Noé l'a lu dans Paris-Match, le magazine auquel on est abonné. Un titre : " Les Ravages de la Thalidomide" l'a saisi : Des corps d'enfants mutilés. Le drame avait lieu à l'hôpital. La Thalidomide, probablement une infirmière, baissant la tête, moins fière qu'aujourd'hui, pleurant ses forfaits.

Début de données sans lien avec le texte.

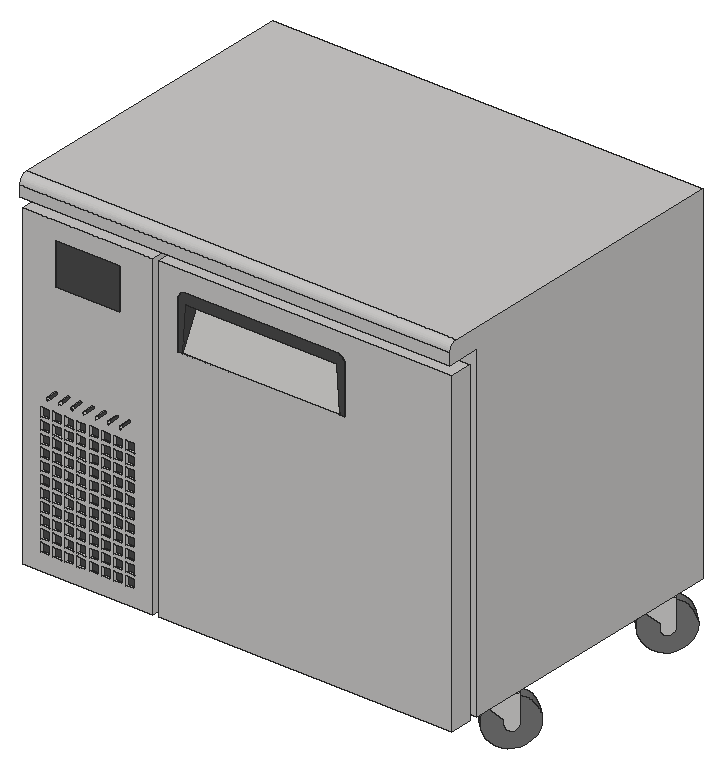
Revit family "QF_Turbo Air_JUR-36cdc43f4a-9d56-4e2c-abd6-0598ae92f046", category Specialty Equipment, Revit 2012
Parameters
  Weight in Pounds = 190
  Watermarked By = "http://revitwatermark.com"
  Volts = 115 V
  URL Cutsheet = ""
  URL = "www.turboairinc.com"
  Status [instance] = ""
  Specification by User [instance] = ""
  Specification by Manufacturer [instance] = ""
  Serial Number [instance] = ""
  Revision Code [instance] = ""
  Phase = 1
  Number of Poles [instance] = 1
  NAFEM Spec ID Number [instance] = ""
  Model = "JUR-36"
  Masterspec [instance] = ""
  Manufacturer = "Turbo Air"  # constant formula
  Legs [instance] = [6 inch Legs]  # no
  Item Number [instance] = "-"
  Installed By [instance] = ""
  HP = "1/4"
  Furnished By [instance] = ""
  Foodservice Equipment Identifier = yes
  FL Amps = 4.5 A
  Electrical Remarks [instance] = ""
  Electric Connection Type [instance] = ""
  Elec Conn RI Height [instance] = 0' - 0"
  Elec Conn Connection Height = 1' - 0"
  Description = "Undercounter Refrigerator"
  Cycle = 60 Hz
  Conn Plug = "NEMA 5-15P"
  Casters [instance] = not(Legs)  # yes
  CasterLeg Height [instance] = if([4 inch Casters], 0' 5", if([5 inch Casters], 0' 5 3/4", if([2_5 inch Casters], 0' 3 3/8", 0' 6")))  # 0' - 5"
  CSI MasterFormat = "11 41 13"
  Assembly Code = "E1090320"
  Apparent Power = if(Phase = 3, Volts * FL Amps * 1.73, Volts * FL Amps)  # 517.5 VA
  6 inch Legs [instance] = no
  5 inch Casters [instance] = no
  4 inch Casters [instance] = yes
  2_5 inch Casters [instance] = no
Reference planes (in)
  plane 1 "BACK": y = -1.5
  plane 2: z = 0
  plane 3 "LEFT": x = -20.72594
  plane 4 "Bottom": z = 5
  plane 5 "Back Stops": y = -0.5
  plane 6 "RIGHT": x = 14.64906
  plane 7 "FRONT": y = -29
  plane 8 "Door Clearance": y = -49.875
  plane 9 "Back of Door": y = -25.4375
  plane 10 "Front of Box": y = -24.75
  plane 11 "Counter Top": z = 33.75
  plane 12 "Top of Door": z = 31.25
  plane 13 "Front of Doors": y = -27.25
  plane 14 "Front of Ledge": y = -27.5
  plane 15 "Left of Door": x = -9.53844
  plane 16 "Right of Grill": x = -9.97594
Forms (in)
  Extrusion 1, solid, material "QF_Finishes_Stainless Steel"
    sketch origin (-20.72594, 0, 0) x (0, 1, 0) y (0, 0, 1)
      loop
        line (-1.5, 5) -> (-1.5, 33.75) -> (-26.8125, 33.75)
        arc (-26.8125, 33.75) -> (-27.29864, 33.54864) -> (-27.5, 33.0625) r 0.6875
        line (-27.5, 33.0625) -> (-27.5, 32.125) -> (-24.75, 32.125) -> (-24.75, 5) -> (-1.5, 5)
    from 0 to 35.375
  Extrusion 2, solid, material "QF_Finishes_Black"
    sketch origin (0, -24.75, 0) x (1, 0, 0) y (0, 0, 1)
      loop
        line (13.64906, 6) -> (13.64906, 30.25) -> (-8.53844, 30.25) -> (-8.53844, 6) -> (13.64906, 6)
    from 0 to 0.6875
  Extrusion 3, solid, material "QF_Finishes_Black"
    sketch origin (0, -1.5, 0) x (1, 0, 0) y (0, 0, 1)
      loop
        circle (-14.60094, 28.9375) r 0.5
      loop
        circle (8.52406, 28.9375) r 0.5
    from 0 to -1
  Extrusion 4, solid, material "QF_Finishes_Stainless Steel"
    sketch origin (0, -1.5, 0) x (1, 0, 0) y (0, 0, 1)
      loop
        circle (-15.35094, 11.125) r 0.25
    from 0 to -0.0625
  Extrusion 5, solid, material "QF_Finishes_Stainless Steel"
    sketch origin (0, -24.75, 0) x (1, 0, 0) y (0, 0, 1)
      loop
        line (-20.72594, 31.25) -> (-20.72594, 5) -> (-9.97594, 5) -> (-9.97594, 31.25) -> (-20.72594, 31.25)
      loop
        line (-11.47594, 7.125) -> (-12.22594, 7.125) -> (-12.22594, 6.375) -> (-11.47594, 6.375) -> (-11.47594, 7.125)
      loop
        line (-12.47594, 7.125) -> (-13.22594, 7.125) -> (-13.22594, 6.375) -> (-12.47594, 6.375) -> (-12.47594, 7.125)
      loop
        line (-13.47594, 7.125) -> (-14.22594, 7.125) -> (-14.22594, 6.375) -> (-13.47594, 6.375) -> (-13.47594, 7.125)
      loop
        line (-14.47594, 7.125) -> (-15.22594, 7.125) -> (-15.22594, 6.375) -> (-14.47594, 6.375) -> (-14.47594, 7.125)
      loop
        line (-15.47594, 7.125) -> (-16.22594, 7.125) -> (-16.22594, 6.375) -> (-15.47594, 6.375) -> (-15.47594, 7.125)
      loop
        line (-16.47594, 7.125) -> (-17.22594, 7.125) -> (-17.22594, 6.375) -> (-16.47594, 6.375) -> (-16.47594, 7.125)
      loop
        line (-17.47594, 7.125) -> (-18.22594, 7.125) -> (-18.22594, 6.375) -> (-17.47594, 6.375) -> (-17.47594, 7.125)
      loop
        line (-18.47594, 7.125) -> (-19.22594, 7.125) -> (-19.22594, 6.375) -> (-18.47594, 6.375) -> (-18.47594, 7.125)
      loop
        line (-11.47594, 8.125) -> (-12.22594, 8.125) -> (-12.22594, 7.375) -> (-11.47594, 7.375) -> (-11.47594, 8.125)
      loop
        line (-12.47594, 8.125) -> (-13.22594, 8.125) -> (-13.22594, 7.375) -> (-12.47594, 7.375) -> (-12.47594, 8.125)
      loop
        line (-13.47594, 8.125) -> (-14.22594, 8.125) -> (-14.22594, 7.375) -> (-13.47594, 7.375) -> (-13.47594, 8.125)
      loop
        line (-14.47594, 8.125) -> (-15.22594, 8.125) -> (-15.22594, 7.375) -> (-14.47594, 7.375) -> (-14.47594, 8.125)
      loop
        line (-15.47594, 8.125) -> (-16.22594, 8.125) -> (-16.22594, 7.375) -> (-15.47594, 7.375) -> (-15.47594, 8.125)
      loop
        line (-16.47594, 8.125) -> (-17.22594, 8.125) -> (-17.22594, 7.375) -> (-16.47594, 7.375) -> (-16.47594, 8.125)
      loop
        line (-17.47594, 8.125) -> (-18.22594, 8.125) -> (-18.22594, 7.375) -> (-17.47594, 7.375) -> (-17.47594, 8.125)
      loop
        line (-18.47594, 8.125) -> (-19.22594, 8.125) -> (-19.22594, 7.375) -> (-18.47594, 7.375) -> (-18.47594, 8.125)
      loop
        line (-11.47594, 9.125) -> (-12.22594, 9.125) -> (-12.22594, 8.375) -> (-11.47594, 8.375) -> (-11.47594, 9.125)
      loop
        line (-12.47594, 9.125) -> (-13.22594, 9.125) -> (-13.22594, 8.375) -> (-12.47594, 8.375) -> (-12.47594, 9.125)
      loop
        line (-13.47594, 9.125) -> (-14.22594, 9.125) -> (-14.22594, 8.375) -> (-13.47594, 8.375) -> (-13.47594, 9.125)
      loop
        line (-14.47594, 9.125) -> (-15.22594, 9.125) -> (-15.22594, 8.375) -> (-14.47594, 8.375) -> (-14.47594, 9.125)
      loop
        line (-15.47594, 9.125) -> (-16.22594, 9.125) -> (-16.22594, 8.375) -> (-15.47594, 8.375) -> (-15.47594, 9.125)
      loop
        line (-16.47594, 9.125) -> (-17.22594, 9.125) -> (-17.22594, 8.375) -> (-16.47594, 8.375) -> (-16.47594, 9.125)
      loop
        line (-17.47594, 9.125) -> (-18.22594, 9.125) -> (-18.22594, 8.375) -> (-17.47594, 8.375) -> (-17.47594, 9.125)
      loop
        line (-18.47594, 9.125) -> (-19.22594, 9.125) -> (-19.22594, 8.375) -> (-18.47594, 8.375) -> (-18.47594, 9.125)
      loop
        line (-11.47594, 10.125) -> (-12.22594, 10.125) -> (-12.22594, 9.375) -> (-11.47594, 9.375) -> (-11.47594, 10.125)
      loop
        line (-12.47594, 10.125) -> (-13.22594, 10.125) -> (-13.22594, 9.375) -> (-12.47594, 9.375) -> (-12.47594, 10.125)
      loop
        line (-13.47594, 10.125) -> (-14.22594, 10.125) -> (-14.22594, 9.375) -> (-13.47594, 9.375) -> (-13.47594, 10.125)
      loop
        line (-14.47594, 10.125) -> (-15.22594, 10.125) -> (-15.22594, 9.375) -> (-14.47594, 9.375) -> (-14.47594, 10.125)
      loop
        line (-15.47594, 10.125) -> (-16.22594, 10.125) -> (-16.22594, 9.375) -> (-15.47594, 9.375) -> (-15.47594, 10.125)
      loop
        line (-16.47594, 10.125) -> (-17.22594, 10.125) -> (-17.22594, 9.375) -> (-16.47594, 9.375) -> (-16.47594, 10.125)
      loop
        line (-17.47594, 10.125) -> (-18.22594, 10.125) -> (-18.22594, 9.375) -> (-17.47594, 9.375) -> (-17.47594, 10.125)
      loop
        line (-18.47594, 10.125) -> (-19.22594, 10.125) -> (-19.22594, 9.375) -> (-18.47594, 9.375) -> (-18.47594, 10.125)
      loop
        line (-11.47594, 11.125) -> (-12.22594, 11.125) -> (-12.22594, 10.375) -> (-11.47594, 10.375) -> (-11.47594, 11.125)
      loop
        line (-12.47594, 11.125) -> (-13.22594, 11.125) -> (-13.22594, 10.375) -> (-12.47594, 10.375) -> (-12.47594, 11.125)
      loop
        line (-13.47594, 11.125) -> (-14.22594, 11.125) -> (-14.22594, 10.375) -> (-13.47594, 10.375) -> (-13.47594, 11.125)
      loop
        line (-14.47594, 11.125) -> (-15.22594, 11.125) -> (-15.22594, 10.375) -> (-14.47594, 10.375) -> (-14.47594, 11.125)
      loop
        line (-15.47594, 11.125) -> (-16.22594, 11.125) -> (-16.22594, 10.375) -> (-15.47594, 10.375) -> (-15.47594, 11.125)
      loop
        line (-16.47594, 11.125) -> (-17.22594, 11.125) -> (-17.22594, 10.375) -> (-16.47594, 10.375) -> (-16.47594, 11.125)
      loop
        line (-17.47594, 11.125) -> (-18.22594, 11.125) -> (-18.22594, 10.375) -> (-17.47594, 10.375) -> (-17.47594, 11.125)
      loop
        line (-18.47594, 11.125) -> (-19.22594, 11.125) -> (-19.22594, 10.375) -> (-18.47594, 10.375) -> (-18.47594, 11.125)
      loop
        line (-11.47594, 12.125) -> (-12.22594, 12.125) -> (-12.22594, 11.375) -> (-11.47594, 11.375) -> (-11.47594, 12.125)
      loop
        line (-12.47594, 12.125) -> (-13.22594, 12.125) -> (-13.22594, 11.375) -> (-12.47594, 11.375) -> (-12.47594, 12.125)
      loop
        line (-13.47594, 12.125) -> (-14.22594, 12.125) -> (-14.22594, 11.375) -> (-13.47594, 11.375) -> (-13.47594, 12.125)
      loop
        line (-14.47594, 12.125) -> (-15.22594, 12.125) -> (-15.22594, 11.375) -> (-14.47594, 11.375) -> (-14.47594, 12.125)
      loop
        line (-15.47594, 12.125) -> (-16.22594, 12.125) -> (-16.22594, 11.375) -> (-15.47594, 11.375) -> (-15.47594, 12.125)
      loop
        line (-16.47594, 12.125) -> (-17.22594, 12.125) -> (-17.22594, 11.375) -> (-16.47594, 11.375) -> (-16.47594, 12.125)
      loop
        line (-17.47594, 12.125) -> (-18.22594, 12.125) -> (-18.22594, 11.375) -> (-17.47594, 11.375) -> (-17.47594, 12.125)
      loop
        line (-18.47594, 12.125) -> (-19.22594, 12.125) -> (-19.22594, 11.375) -> (-18.47594, 11.375) -> (-18.47594, 12.125)
      loop
        line (-11.47594, 13.125) -> (-12.22594, 13.125) -> (-12.22594, 12.375) -> (-11.47594, 12.375) -> (-11.47594, 13.125)
      loop
        line (-12.47594, 13.125) -> (-13.22594, 13.125) -> (-13.22594, 12.375) -> (-12.47594, 12.375) -> (-12.47594, 13.125)
      loop
        line (-13.47594, 13.125) -> (-14.22594, 13.125) -> (-14.22594, 12.375) -> (-13.47594, 12.375) -> (-13.47594, 13.125)
      loop
        line (-14.47594, 13.125) -> (-15.22594, 13.125) -> (-15.22594, 12.375) -> (-14.47594, 12.375) -> (-14.47594, 13.125)
      loop
        line (-15.47594, 13.125) -> (-16.22594, 13.125) -> (-16.22594, 12.375) -> (-15.47594, 12.375) -> (-15.47594, 13.125)
      loop
        line (-16.47594, 13.125) -> (-17.22594, 13.125) -> (-17.22594, 12.375) -> (-16.47594, 12.375) -> (-16.47594, 13.125)
      loop
        line (-17.47594, 13.125) -> (-18.22594, 13.125) -> (-18.22594, 12.375) -> (-17.47594, 12.375) -> (-17.47594, 13.125)
      loop
        line (-18.47594, 13.125) -> (-19.22594, 13.125) -> (-19.22594, 12.375) -> (-18.47594, 12.375) -> (-18.47594, 13.125)
      loop
        line (-11.47594, 14.125) -> (-12.22594, 14.125) -> (-12.22594, 13.375) -> (-11.47594, 13.375) -> (-11.47594, 14.125)
      loop
        line (-12.47594, 14.125) -> (-13.22594, 14.125) -> (-13.22594, 13.375) -> (-12.47594, 13.375) -> (-12.47594, 14.125)
      loop
        line (-13.47594, 14.125) -> (-14.22594, 14.125) -> (-14.22594, 13.375) -> (-13.47594, 13.375) -> (-13.47594, 14.125)
      loop
        line (-14.47594, 14.125) -> (-15.22594, 14.125) -> (-15.22594, 13.375) -> (-14.47594, 13.375) -> (-14.47594, 14.125)
      loop
        line (-15.47594, 14.125) -> (-16.22594, 14.125) -> (-16.22594, 13.375) -> (-15.47594, 13.375) -> (-15.47594, 14.125)
      loop
        line (-16.47594, 14.125) -> (-17.22594, 14.125) -> (-17.22594, 13.375) -> (-16.47594, 13.375) -> (-16.47594, 14.125)
      loop
        line (-17.47594, 14.125) -> (-18.22594, 14.125) -> (-18.22594, 13.375) -> (-17.47594, 13.375) -> (-17.47594, 14.125)
      loop
        line (-18.47594, 14.125) -> (-19.22594, 14.125) -> (-19.22594, 13.375) -> (-18.47594, 13.375) -> (-18.47594, 14.125)
      loop
        line (-11.47594, 15.125) -> (-12.22594, 15.125) -> (-12.22594, 14.375) -> (-11.47594, 14.375) -> (-11.47594, 15.125)
      loop
        line (-12.47594, 15.125) -> (-13.22594, 15.125) -> (-13.22594, 14.375) -> (-12.47594, 14.375) -> (-12.47594, 15.125)
      loop
        line (-13.47594, 15.125) -> (-14.22594, 15.125) -> (-14.22594, 14.375) -> (-13.47594, 14.375) -> (-13.47594, 15.125)
      loop
        line (-14.47594, 15.125) -> (-15.22594, 15.125) -> (-15.22594, 14.375) -> (-14.47594, 14.375) -> (-14.47594, 15.125)
      loop
        line (-15.47594, 15.125) -> (-16.22594, 15.125) -> (-16.22594, 14.375) -> (-15.47594, 14.375) -> (-15.47594, 15.125)
      loop
        line (-16.47594, 15.125) -> (-17.22594, 15.125) -> (-17.22594, 14.375) -> (-16.47594, 14.375) -> (-16.47594, 15.125)
      loop
        line (-17.47594, 15.125) -> (-18.22594, 15.125) -> (-18.22594, 14.375) -> (-17.47594, 14.375) -> (-17.47594, 15.125)
      loop
        line (-18.47594, 15.125) -> (-19.22594, 15.125) -> (-19.22594, 14.375) -> (-18.47594, 14.375) -> (-18.47594, 15.125)
      loop
        line (-11.47594, 16.125) -> (-12.22594, 16.125) -> (-12.22594, 15.375) -> (-11.47594, 15.375) -> (-11.47594, 16.125)
      loop
        line (-12.47594, 16.125) -> (-13.22594, 16.125) -> (-13.22594, 15.375) -> (-12.47594, 15.375) -> (-12.47594, 16.125)
      loop
        line (-13.47594, 16.125) -> (-14.22594, 16.125) -> (-14.22594, 15.375) -> (-13.47594, 15.375) -> (-13.47594, 16.125)
      loop
        line (-14.47594, 16.125) -> (-15.22594, 16.125) -> (-15.22594, 15.375) -> (-14.47594, 15.375) -> (-14.47594, 16.125)
      loop
        line (-15.47594, 16.125) -> (-16.22594, 16.125) -> (-16.22594, 15.375) -> (-15.47594, 15.375) -> (-15.47594, 16.125)
      loop
        line (-16.47594, 16.125) -> (-17.22594, 16.125) -> (-17.22594, 15.375) -> (-16.47594, 15.375) -> (-16.47594, 16.125)
      loop
        line (-17.47594, 16.125) -> (-18.22594, 16.125) -> (-18.22594, 15.375) -> (-17.47594, 15.375) -> (-17.47594, 16.125)
      loop
        line (-18.47594, 16.125) -> (-19.22594, 16.125) -> (-19.22594, 15.375) -> (-18.47594, 15.375) -> (-18.47594, 16.125)
      loop
        line (-11.47594, 17.125) -> (-12.22594, 17.125) -> (-12.22594, 16.375) -> (-11.47594, 16.375) -> (-11.47594, 17.125)
      loop
        line (-12.47594, 17.125) -> (-13.22594, 17.125) -> (-13.22594, 16.375) -> (-12.47594, 16.375) -> (-12.47594, 17.125)
      loop
        line (-13.47594, 17.125) -> (-14.22594, 17.125) -> (-14.22594, 16.375) -> (-13.47594, 16.375) -> (-13.47594, 17.125)
      loop
        line (-14.47594, 17.125) -> (-15.22594, 17.125) -> (-15.22594, 16.375) -> (-14.47594, 16.375) -> (-14.47594, 17.125)
      loop
        line (-15.47594, 17.125) -> (-16.22594, 17.125) -> (-16.22594, 16.375) -> (-15.47594, 16.375) -> (-15.47594, 17.125)
      loop
        line (-16.47594, 17.125) -> (-17.22594, 17.125) -> (-17.22594, 16.375) -> (-16.47594, 16.375) -> (-16.47594, 17.125)
      loop
        line (-17.47594, 17.125) -> (-18.22594, 17.125) -> (-18.22594, 16.375) -> (-17.47594, 16.375) -> (-17.47594, 17.125)
      loop
        line (-18.47594, 17.125) -> (-19.22594, 17.125) -> (-19.22594, 16.375) -> (-18.47594, 16.375) -> (-18.47594, 17.125)
      loop
        arc (-14.68933, 17.96339) -> (-14.68933, 17.78661) -> (-14.51255, 17.78661) r 0.125
        line (-14.51255, 17.78661) -> (-13.80544, 18.49372)
        arc (-13.80544, 18.49372) -> (-13.80544, 18.6705) -> (-13.98222, 18.6705) r 0.125
        line (-13.98222, 18.6705) -> (-14.68933, 17.96339)
      loop
        arc (-13.68933, 17.96339) -> (-13.68933, 17.78661) -> (-13.51255, 17.78661) r 0.125
        line (-13.51255, 17.78661) -> (-12.80544, 18.49372)
        arc (-12.80544, 18.49372) -> (-12.80544, 18.6705) -> (-12.98222, 18.6705) r 0.125
        line (-12.98222, 18.6705) -> (-13.68933, 17.96339)
      loop
        arc (-12.68933, 17.96339) -> (-12.68933, 17.78661) -> (-12.51255, 17.78661) r 0.125
        line (-12.51255, 17.78661) -> (-11.80544, 18.49372)
        arc (-11.80544, 18.49372) -> (-11.80544, 18.6705) -> (-11.98222, 18.6705) r 0.125
        line (-11.98222, 18.6705) -> (-12.68933, 17.96339)
      loop
        arc (-17.68933, 17.96339) -> (-17.68933, 17.78661) -> (-17.51255, 17.78661) r 0.125
        line (-17.51255, 17.78661) -> (-16.80544, 18.49372)
        arc (-16.80544, 18.49372) -> (-16.80544, 18.6705) -> (-16.98222, 18.6705) r 0.125
        line (-16.98222, 18.6705) -> (-17.68933, 17.96339)
      loop
        arc (-16.68933, 17.96339) -> (-16.68933, 17.78661) -> (-16.51255, 17.78661) r 0.125
        line (-16.51255, 17.78661) -> (-15.80544, 18.49372)
        arc (-15.80544, 18.49372) -> (-15.80544, 18.6705) -> (-15.98222, 18.6705) r 0.125
        line (-15.98222, 18.6705) -> (-16.68933, 17.96339)
      loop
        arc (-15.68933, 17.96339) -> (-15.68933, 17.78661) -> (-15.51255, 17.78661) r 0.125
        line (-15.51255, 17.78661) -> (-14.80544, 18.49372)
        arc (-14.80544, 18.49372) -> (-14.80544, 18.6705) -> (-14.98222, 18.6705) r 0.125
        line (-14.98222, 18.6705) -> (-15.68933, 17.96339)
      loop
        arc (-18.68933, 17.96339) -> (-18.68933, 17.78661) -> (-18.51255, 17.78661) r 0.125
        line (-18.51255, 17.78661) -> (-17.80544, 18.49372)
        arc (-17.80544, 18.49372) -> (-17.80544, 18.6705) -> (-17.98222, 18.6705) r 0.125
        line (-17.98222, 18.6705) -> (-18.68933, 17.96339)
      loop
        line (-12.72594, 29.75) -> (-17.97594, 29.75) -> (-17.97594, 26.375) -> (-12.72594, 26.375) -> (-12.72594, 29.75)
    from 0 to 2.5
  Extrusion 6, solid, material "QF_Finishes_Black"
    sketch origin (0, -24.75, 0) x (1, 0, 0) y (0, 0, 1)
      loop
        line (-19.72594, 5.875) -> (-10.97594, 5.875) -> (-10.97594, 19.125) -> (-19.72594, 19.125) -> (-19.72594, 5.875)
    from 0 to 2.25
  Extrusion 7, solid, material "QF_Finishes_Black"
    sketch origin (0, -24.75, 0) x (1, 0, 0) y (0, 0, 1)
      loop
        line (-17.97594, 29.75) -> (-17.97594, 26.375) -> (-12.72594, 26.375) -> (-12.72594, 29.75) -> (-17.97594, 29.75)
    from 0 to 2.5
Lines and regions (in)
  symbolic lines
    curve 1: line (-20.72594, -1.5, 33.75) -> (14.64906, -1.5, 33.75)
    curve 2: line (-20.72594, -29, 33.75) -> (-20.72594, -1.5, 33.75)
    curve 3: line (14.64906, -29, 33.75) -> (-20.72594, -29, 33.75)
    curve 4: line (14.64906, -1.5, 33.75) -> (14.64906, -29, 33.75)
    curve 5: line (8.02406, -0.5, 33.75) -> (9.02406, -0.5, 33.75)
    curve 6: line (-15.10094, -0.5, 33.75) -> (-14.10094, -0.5, 33.75)
    curve 7: line (-15.10094, -0.5, 33.75) -> (-15.10094, -1.5, 33.75)
    curve 8: line (-14.10094, -0.5, 33.75) -> (-14.10094, -1.5, 33.75)
    curve 9: line (8.02406, -0.5, 33.75) -> (8.02406, -1.5, 33.75)
    curve 10: line (9.02406, -0.5, 33.75) -> (9.02406, -1.5, 33.75)
  symbolic lines, style "QF_Clearances", detail levels coarse
    curve 11: line (14.64906, -29, 33.75) -> (14.64906, -49.875, 33.75)
    curve 12: arc (14.64906, -49.875, 33.75) -> (-1.23984, -43.92422, 33.75) -> (-9.31054, -29, 33.75) r 24.1875
Dimensions and locks (in)
  "CasterLeg Height": plane 4 "Bottom" to plane 2
  locked: plane 1 "BACK" to plane 5 "Back Stops" at 1
  locked: plane 6 "RIGHT" to plane 3 "LEFT" at 35.375
  locked: plane 7 "FRONT" to plane 1 "BACK" at 27.5
  locked: plane 9 "Back of Door" to plane 10 "Front of Box" at 0.6875
  locked: plane 11 "Counter Top" to plane 4 "Bottom" at 28.75
  locked: Extrusion 2 sketch curve to plane 6 "RIGHT" at 1
  locked: nested 1 to plane 1 "BACK" at 2.5625
  locked: plane 3 "LEFT" to nested 1 at 2.5
  locked: plane 3 "LEFT" to nested 2 at 2.5
  locked: plane 10 "Front of Box" to nested 2 at 4.625
  locked: nested 3 to plane 6 "RIGHT" at 2.5
  locked: nested 4 to plane 6 "RIGHT" at 2.5
  locked: plane 10 "Front of Box" to nested 4 at 4.625
  locked: nested 3 to plane 1 "BACK" at 2.5625
  locked: plane 11 "Counter Top" to Extrusion 3 sketch curve at 4.8125  (x2)
  locked: plane 6 "RIGHT" to Extrusion 3 sketch curve at 6.125
  locked: Extrusion 3 sketch curve to plane 3 "LEFT" at 6.125
  locked: Extrusion 4 sketch curve to plane 4 "Bottom" at 6.125
  locked: Extrusion 2 sketch curve to plane 4 "Bottom" at 1
  locked: plane 12 "Top of Door" to Extrusion 2 sketch curve at 1
  locked: plane 13 "Front of Doors" to plane 10 "Front of Box" at 2.5
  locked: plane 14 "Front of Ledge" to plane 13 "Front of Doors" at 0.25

Noé ne croit pas qu'elle puisse être réellement descendue dans la rue auprès de l'autre, il n'est même pas sûr que ce soit une femme. Seulement le nom lui convient et il peut être utile de baptiser les gens si personne ne vous dit rien de pertinent à leur sujet.
. " Tiens v 'là des mômes. On en fait encore?
-C'est la vie, dit la vieille en dentelle
-Tu veux dire que c'est la mort.
-Filez les gosses. Nous zieutez pas comme ça."